A little over a year ago, a research team at Carnegie Mellon Univeristy launched reCAPTCHA, a plug-in CAPTCHA service for web sites that serves the dual purpose of fighting spam bots and helping the Internet Archive and other clients to make sense of digitized print content.
CAPTCHAs, those hard to read images web sites sometimes ask you to enter before submitting form data, can be an effective way to combat spam, but they’re also tremendous time sinks. Each day on the web people are confronted with a whopping 200 million CAPTCHA images, and deciphering them consumes 500,000 hours. The reCAPTCHA system makes brilliant use of that time to put people to work reading scanned text that optical recognition software (OCR) had difficulty in understanding.
The service, which is now employed by 40,000 web sites, uses a simple technique to get people to help in figuring out unknown scanned words. Each reCAPTCHA box presents users with two words — one that the system knows to be correct (a control word) and one that is unknown. If the user gets the control word correct, the system can assume that the other word also has a high likelihood of being correct. If enough users enter the same thing for that word, it can be used as a control word.

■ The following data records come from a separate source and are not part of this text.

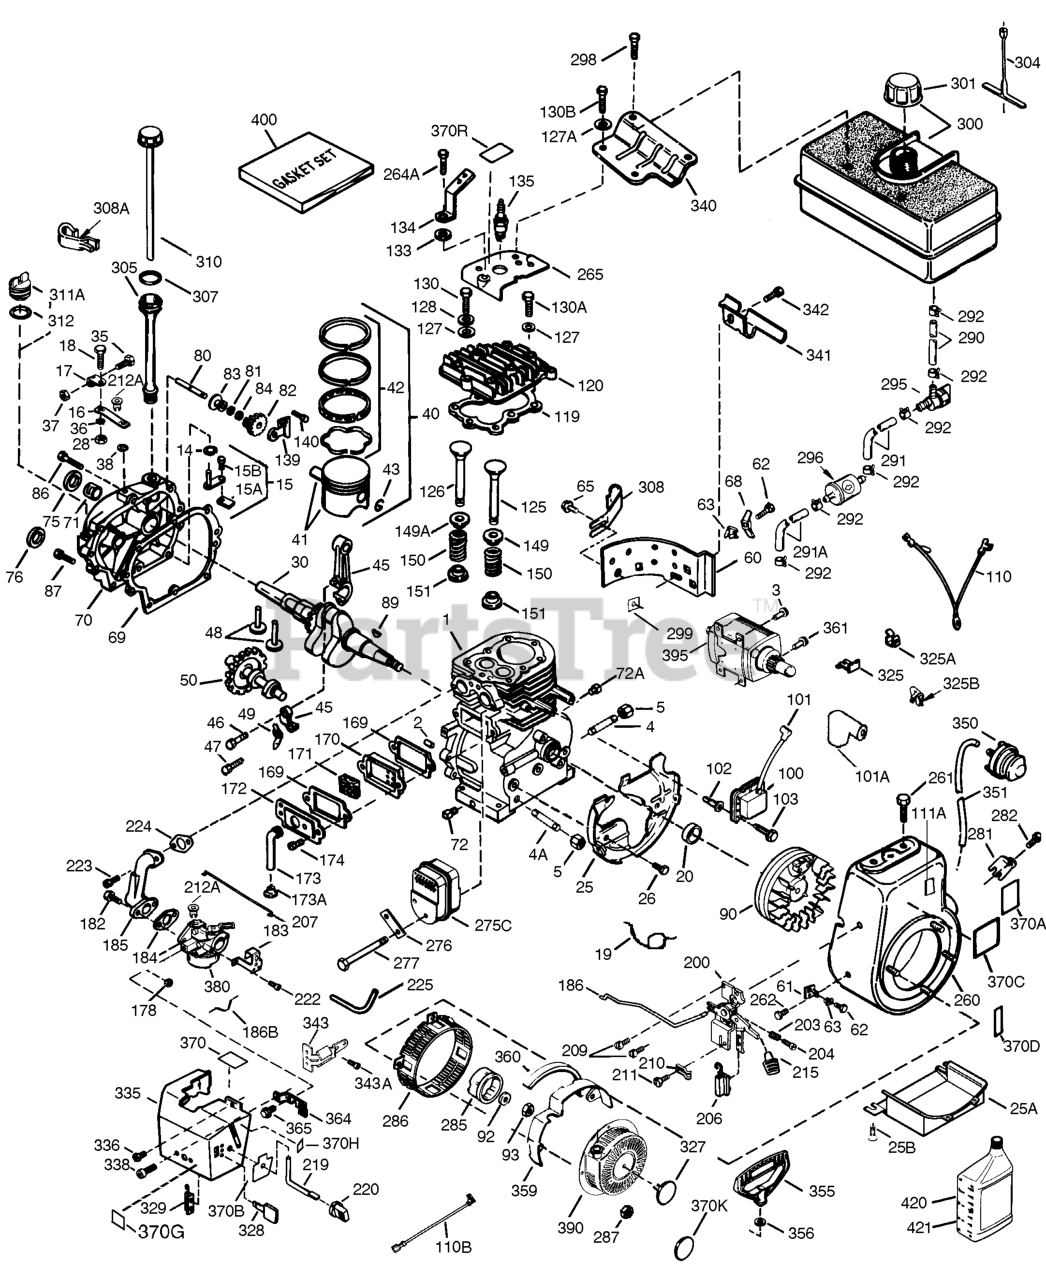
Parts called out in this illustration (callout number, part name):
1	CYLINDER
4	PIPE NIPPLE
5	PIPE CAP
15	GOVERNOR ROD
15A	GOV YOKE
16	GOV LEVER
18	SCREW
20	OIL SEAL
25	BAFFLE
30	CRANKSHAFT
38	RET RING
40	PISTON ASSY 020
40	PISTON ASSY 010
40	PISTON ASSY STD
41	PISTON ASSY 020
41	PISTON ASSY STD
41	PISTON ASSY 010
42	RING SET 020
42	RING SET 010
42	RING SET STD
43	RET RING
45	CONN ROD
46	SCREW
47	SCREW
48	VALVE LIFTER
49	OIL DIPPER
50	CAMSHAFT
60	EXTENSION
61	BRACKET
63	GROMMET
69	GASKET
70	CYL COVER
71	BUSHING
80	GOV SHAFT
83	GOV SPOOL
84	RET RING
90	FLYWHEEL
100	LAMINATION
101	PLUG COVER
102	STUD
103	SCREW
110	GROUND WIRE
120	CYL HEAD
125	EXH VALVE OS
125	EXH VALVE STD
126	INTAKE VALVE OS
126	INT VALVE ST
128	WASHER KIT
131A	SCREW
135	SPARK PLUG
139	BRACKET
140	SCREW
149	VALVE CAP
149A	INT VALVE SEAL
150	VALVE SPRING
151	VALVE CAP
170	BREATHER
171	ELEMENT
172	VALVE COVER
183	BRACKET
185	INTAKE PIPE
186	GOV LINK
200	CONTROL ASSY
203	COMP SPRING
204	SCREW
206	TERMINAL
207	GOV LINK
219	CHOKE ROD
222	SCREW
260	BLOWER HSG
265	COVER
275C	MUFFLER
276	LOCK PLATE
285	STARTER CUP
290	FUEL LINE
300	FUEL TANK
301	FUEL CAP
305	FILLER TUBE
310	DIPSTICK
327	STARTER PLUG
328	KEY
335	CARB COVER
340	TANK BRACKET
341	TANK BRACKET
343	BRACKET
350	PRIMER
351	PRIMER LINE
355	START HANDLE
364	BRACKET
380	CARBURETOR
390	STARTER
400	GASKET SET
420	OIL SAE 5W30

Of those 200 million daily CAPTCHAs, reCAPTCHA serves about 4 million, which is “the equivalent of 1500 people working full-time and transcribing 60 words per minute,” according to a report in this month’s Science. The service, which is free for web sites to use, has deciphered 440 million words for clients over the past year.
According to Ars Technica, reCAPTCHA is also very accurate. In a test that used a random sample of 250 New York Times articles from different time periods, OCR software managed just 84% accuracy on its own. When combined with reCAPTCHA, though, the accuracy rating shot up to 99.1%. That, says Ars, is comparable to professional transcription services where they employee two transcription experts whose work is verified by a third party.

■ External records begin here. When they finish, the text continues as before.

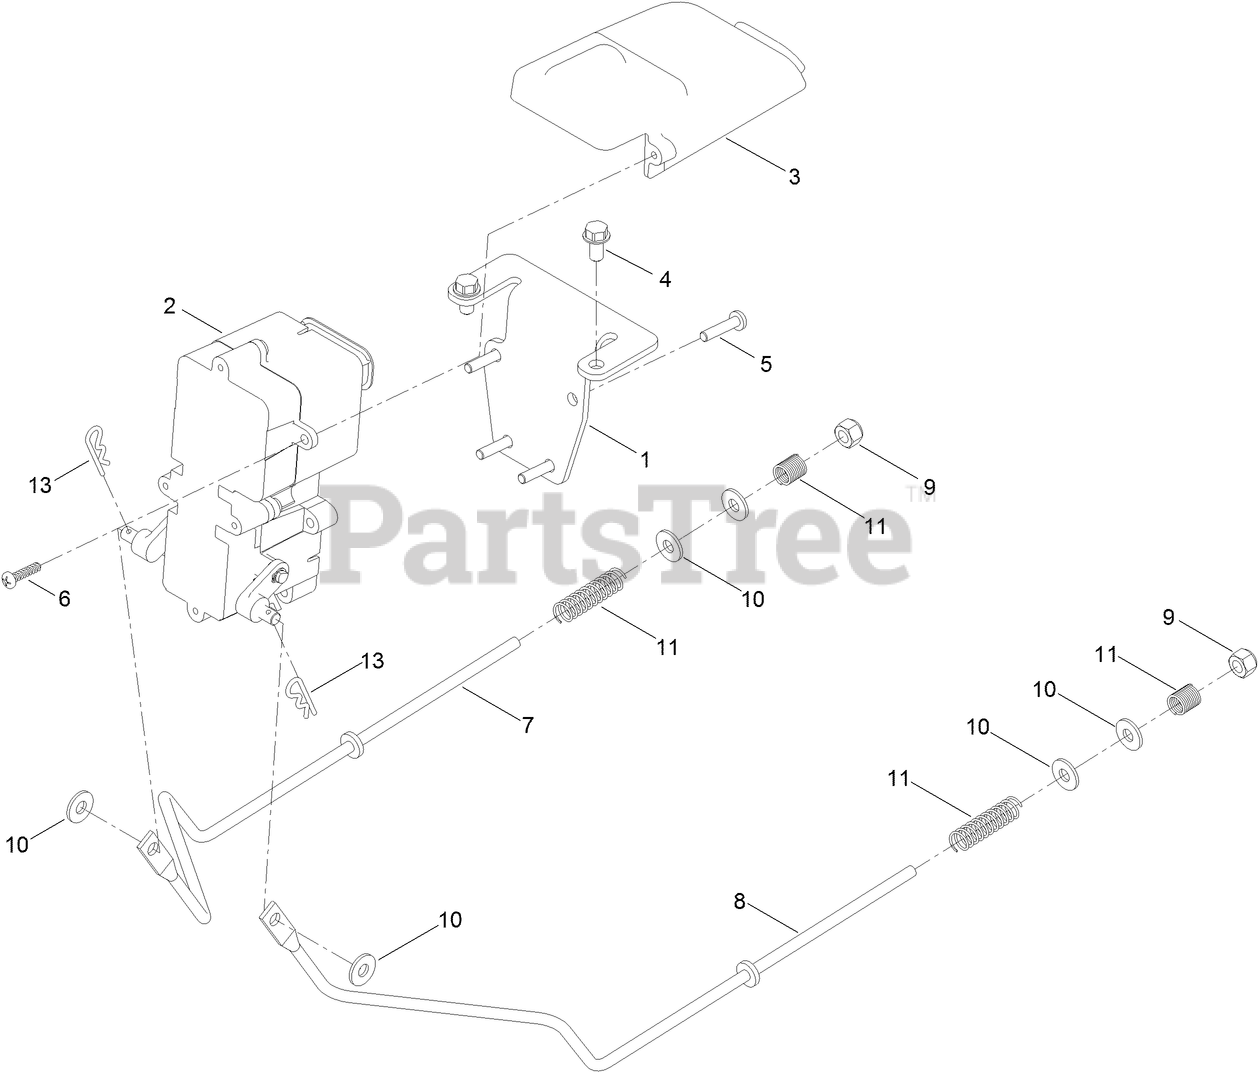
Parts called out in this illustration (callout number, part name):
1	BRACKET-MOUNT, BRAKE
2	BRAKE BOX ASM
3	COVER-CONNECTOR
4	SCREW-HWH
5	SCREW-PPH
6	SCREW-PPH
7	ROD-BRAKE, WIDE (RH)
8	ROD-BRAKE, WIDE (LH)
9	NUT-LOCK, NI
10	WASHER
11	SPRING-COMPRESSION
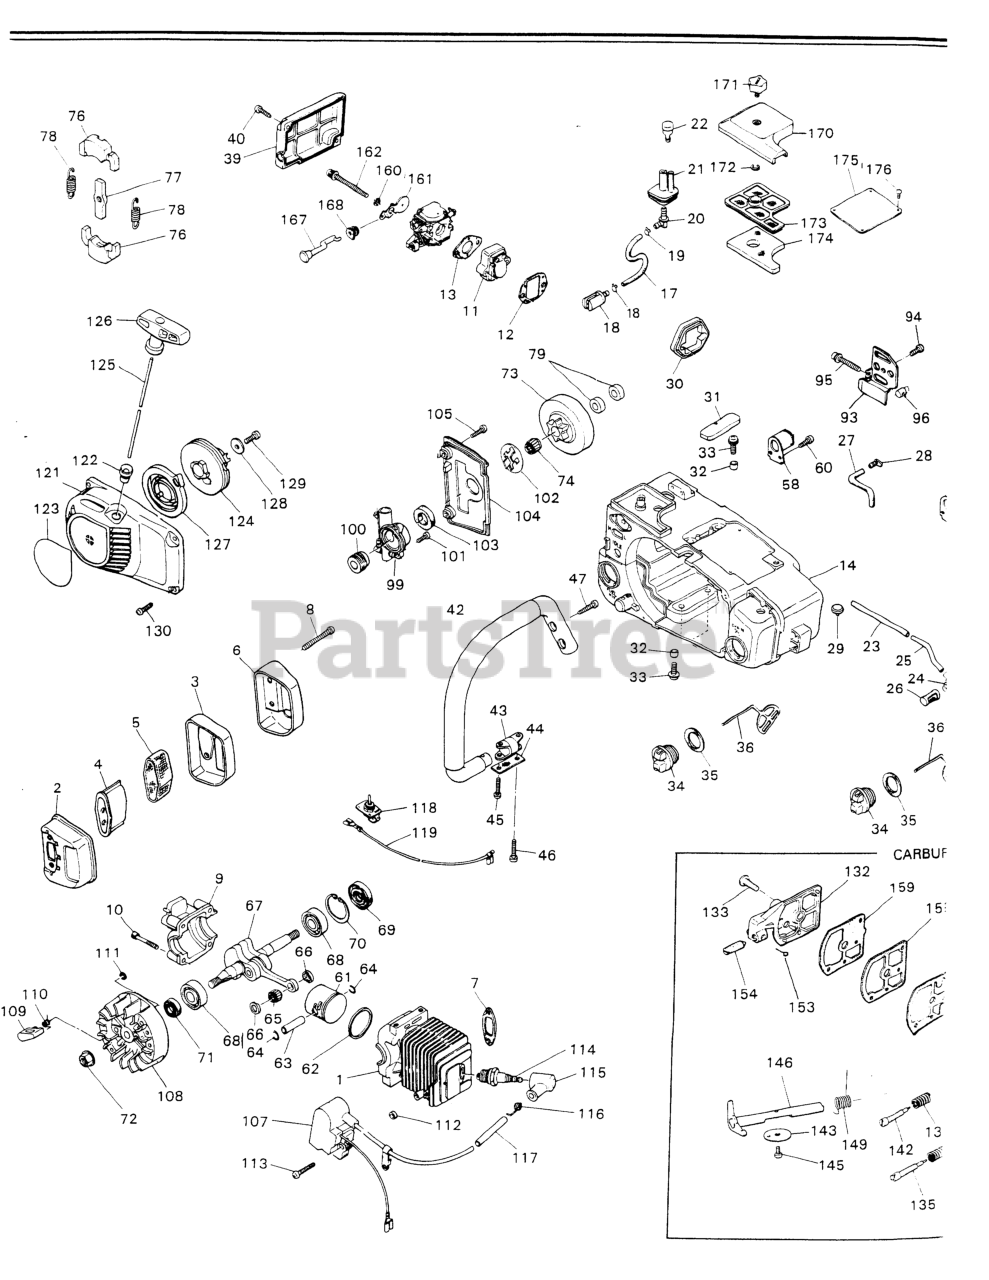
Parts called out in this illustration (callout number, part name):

It’s easy to see how reCAPTCHA’s use of the crowd is far more cost effective. Further, Ars reports that software designed to crack CAPTCHA images fails on reCAPTCHA, likely because the letter distortions on scanned images are not the result of “clean mathematical transformation,” and thus are hard for a computer to correct.

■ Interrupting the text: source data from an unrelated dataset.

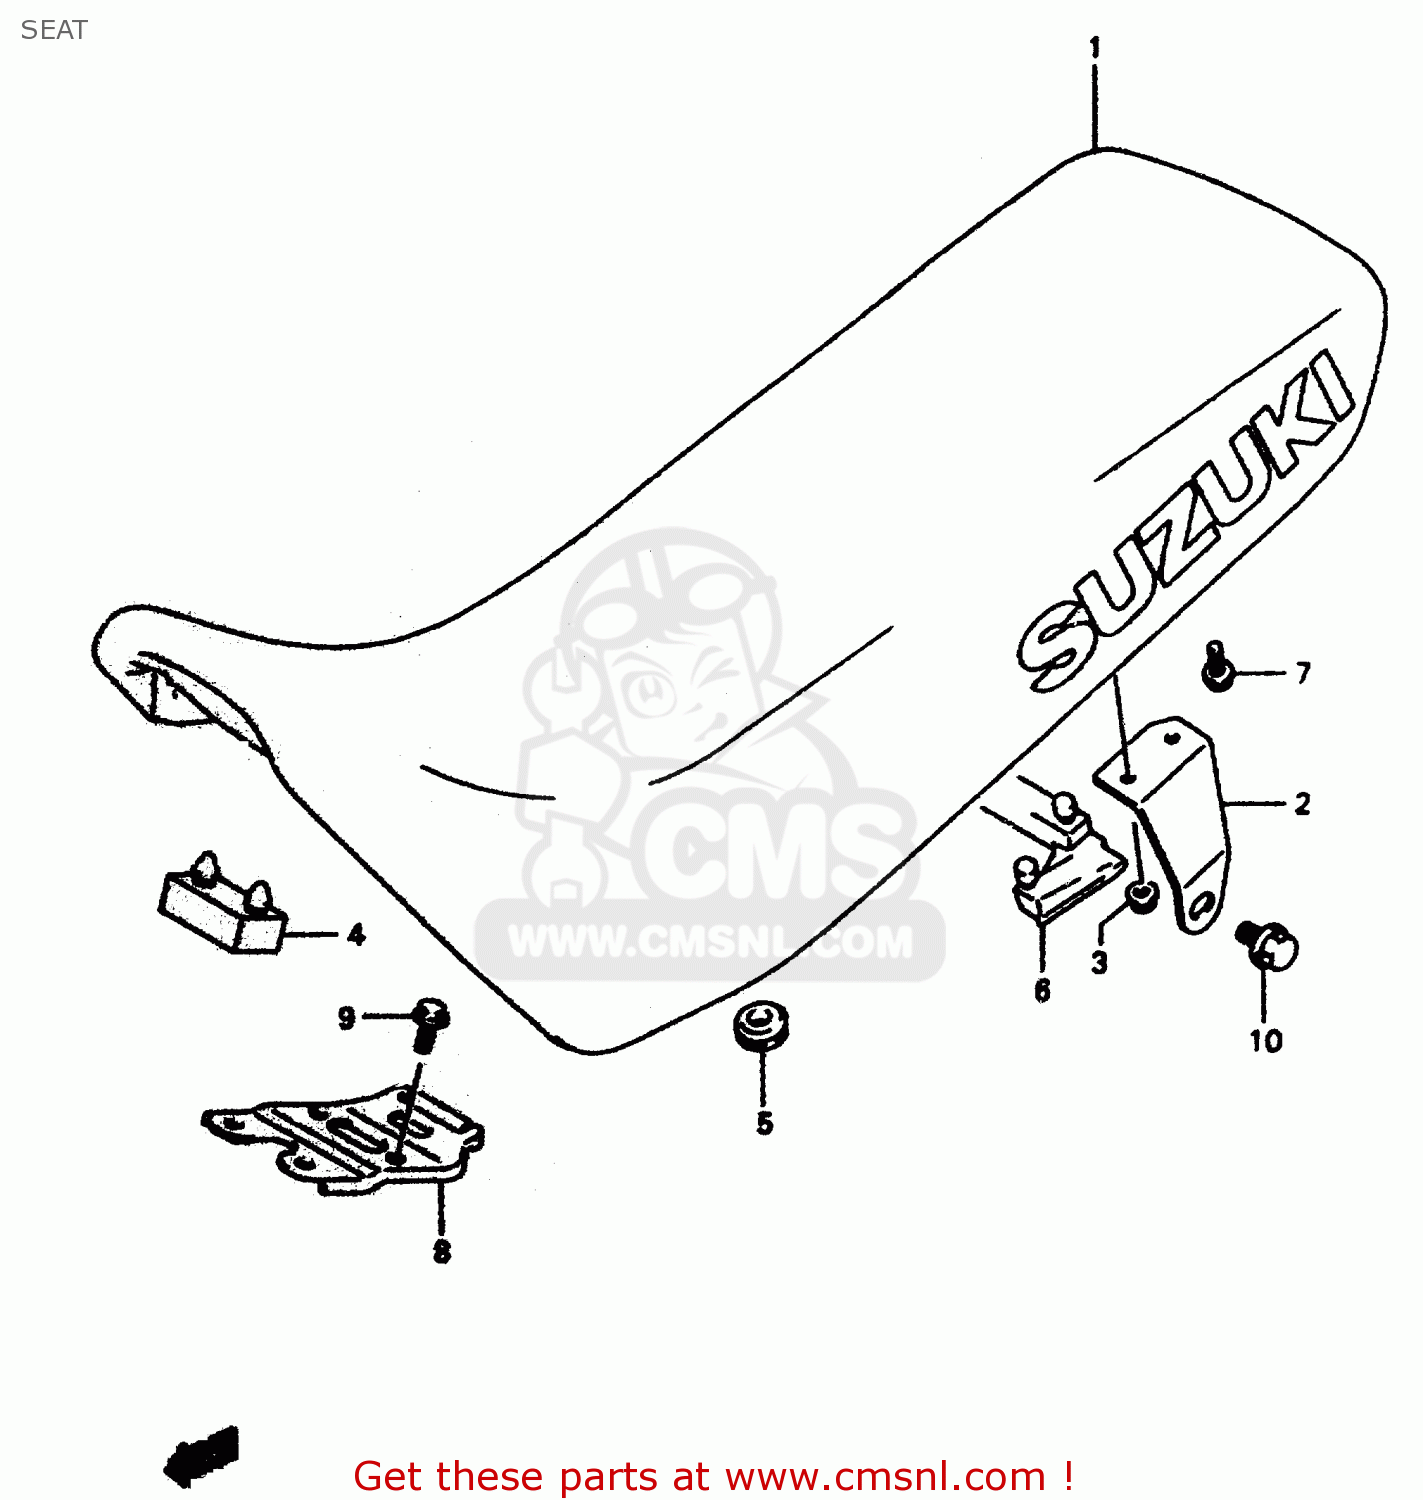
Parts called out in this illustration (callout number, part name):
1	SEAT SET
2	BRACKET,SEAT,R
3	NUT
4	CUSHION
5	CUSHION
6	CUSHION
7	BOLT
8	PLATE,SEAT FR HOOK
9	BOLT
10	BOLT

reCAPTCHA is a simply brilliant use of essentially wasted time, and I’m pleased to hear that it’s working. When I first wrote about the program last year for ReadWriteWeb I noted that in college one of my classes was part of a project to digitize old maritime journals. We used expensive overhead scanners and fancy OCR software, but even so most of our time was spent correcting mistakes that the software had made. The reCAPTCHA system would have been a welcome addition to our work back then.